(Required work) From the first line to the last, write out the records exactly, leaving out images.

(Entries taken from a collection)
################

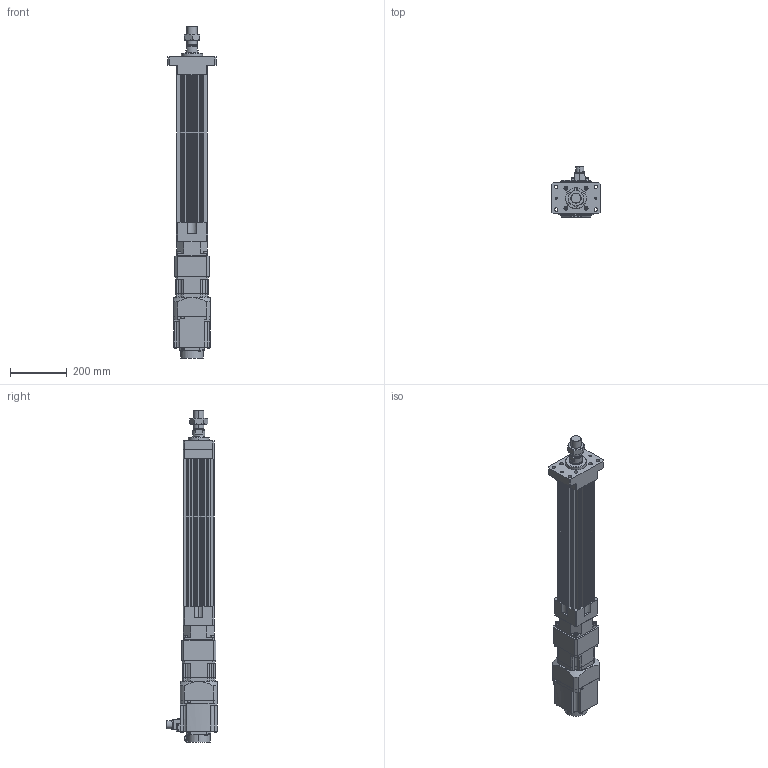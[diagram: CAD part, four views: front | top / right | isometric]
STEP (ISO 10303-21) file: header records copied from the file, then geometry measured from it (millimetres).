
FILE_DESCRIPTION (( 'STEP AP203' ), '1' );
FILE_NAME ('HES110NS(HS)-S350-W015G00-M-FM.STEP', '2023-01-28T06:10:48', ( 'tms' ), ( '' ), 'SwSTEP 2.0', 'SolidWorks 2013', '' );
FILE_SCHEMA (( 'CONFIG_CONTROL_DESIGN' ));
Length unit declared in the file: millimetre
Products named in the file (8): M36X1.5P; HG-SR152; HES110-S350-G120-FM; HES110 ROD M ST350; AB115-003[HG-SR152]; HES110NS(HS)-S350-W015G00-M-FM; P0401400706; AB1151
Assembly tree (7 placements, depth 3):
  HES110NS(HS)-S350-W015G00-M-FM
    HES110-S350-G120-FM
    HES110 ROD M ST350
    M36X1.5P
    AB115-003[HG-SR152]
      AB1151
      P0401400706
    HG-SR152
Bounding box: 170 x 177.49 x 1171.5 mm (x, y, z)
Volume: 7651928.7 mm3; surface area: 1048049.6 mm2
Topology: 4 solids, 15 shells, 1170 faces, 2958 edges, 1925 vertices
Faces by surface type: plane 559, cylinder 525, cone 74, bspline 8, torus 4
Entity records: 36974 total; most frequent: CARTESIAN_POINT 7028, DIRECTION 6389, ORIENTED_EDGE 5864, EDGE_CURVE 2942, AXIS2_PLACEMENT_3D 2346, VERTEX_POINT 1925, VECTOR 1697, LINE 1697

################

(Answer below)
[diagram: CAD part, four views: front | top / right | isometric]
STEP (ISO 10303-21) file: header records copied from the file, then geometry measured from it (millimetres).
FILE_DESCRIPTION (( 'STEP AP203' ), '1' );
FILE_NAME ('HES110NS(HS)-S350-W015G00-M-FM.STEP', '2023-01-28T06:10:48', ( 'tms' ), ( '' ), 'SwSTEP 2.0', 'SolidWorks 2013', '' );
FILE_SCHEMA (( 'CONFIG_CONTROL_DESIGN' ));
Length unit declared in the file: millimetre
Products named in the file (8): M36X1.5P; HG-SR152; HES110-S350-G120-FM; HES110 ROD M ST350; AB115-003[HG-SR152]; HES110NS(HS)-S350-W015G00-M-FM; P0401400706; AB1151
Assembly tree (7 placements, depth 3):
  HES110NS(HS)-S350-W015G00-M-FM
    HES110-S350-G120-FM
    HES110 ROD M ST350
    M36X1.5P
    AB115-003[HG-SR152]
      AB1151
      P0401400706
    HG-SR152
Bounding box: 170 x 177.49 x 1171.5 mm (x, y, z)
Volume: 7651928.7 mm3; surface area: 1048049.6 mm2
Topology: 4 solids, 15 shells, 1170 faces, 2958 edges, 1925 vertices
Faces by surface type: plane 559, cylinder 525, cone 74, bspline 8, torus 4
Entity records: 36974 total; most frequent: CARTESIAN_POINT 7028, DIRECTION 6389, ORIENTED_EDGE 5864, EDGE_CURVE 2942, AXIS2_PLACEMENT_3D 2346, VERTEX_POINT 1925, VECTOR 1697, LINE 1697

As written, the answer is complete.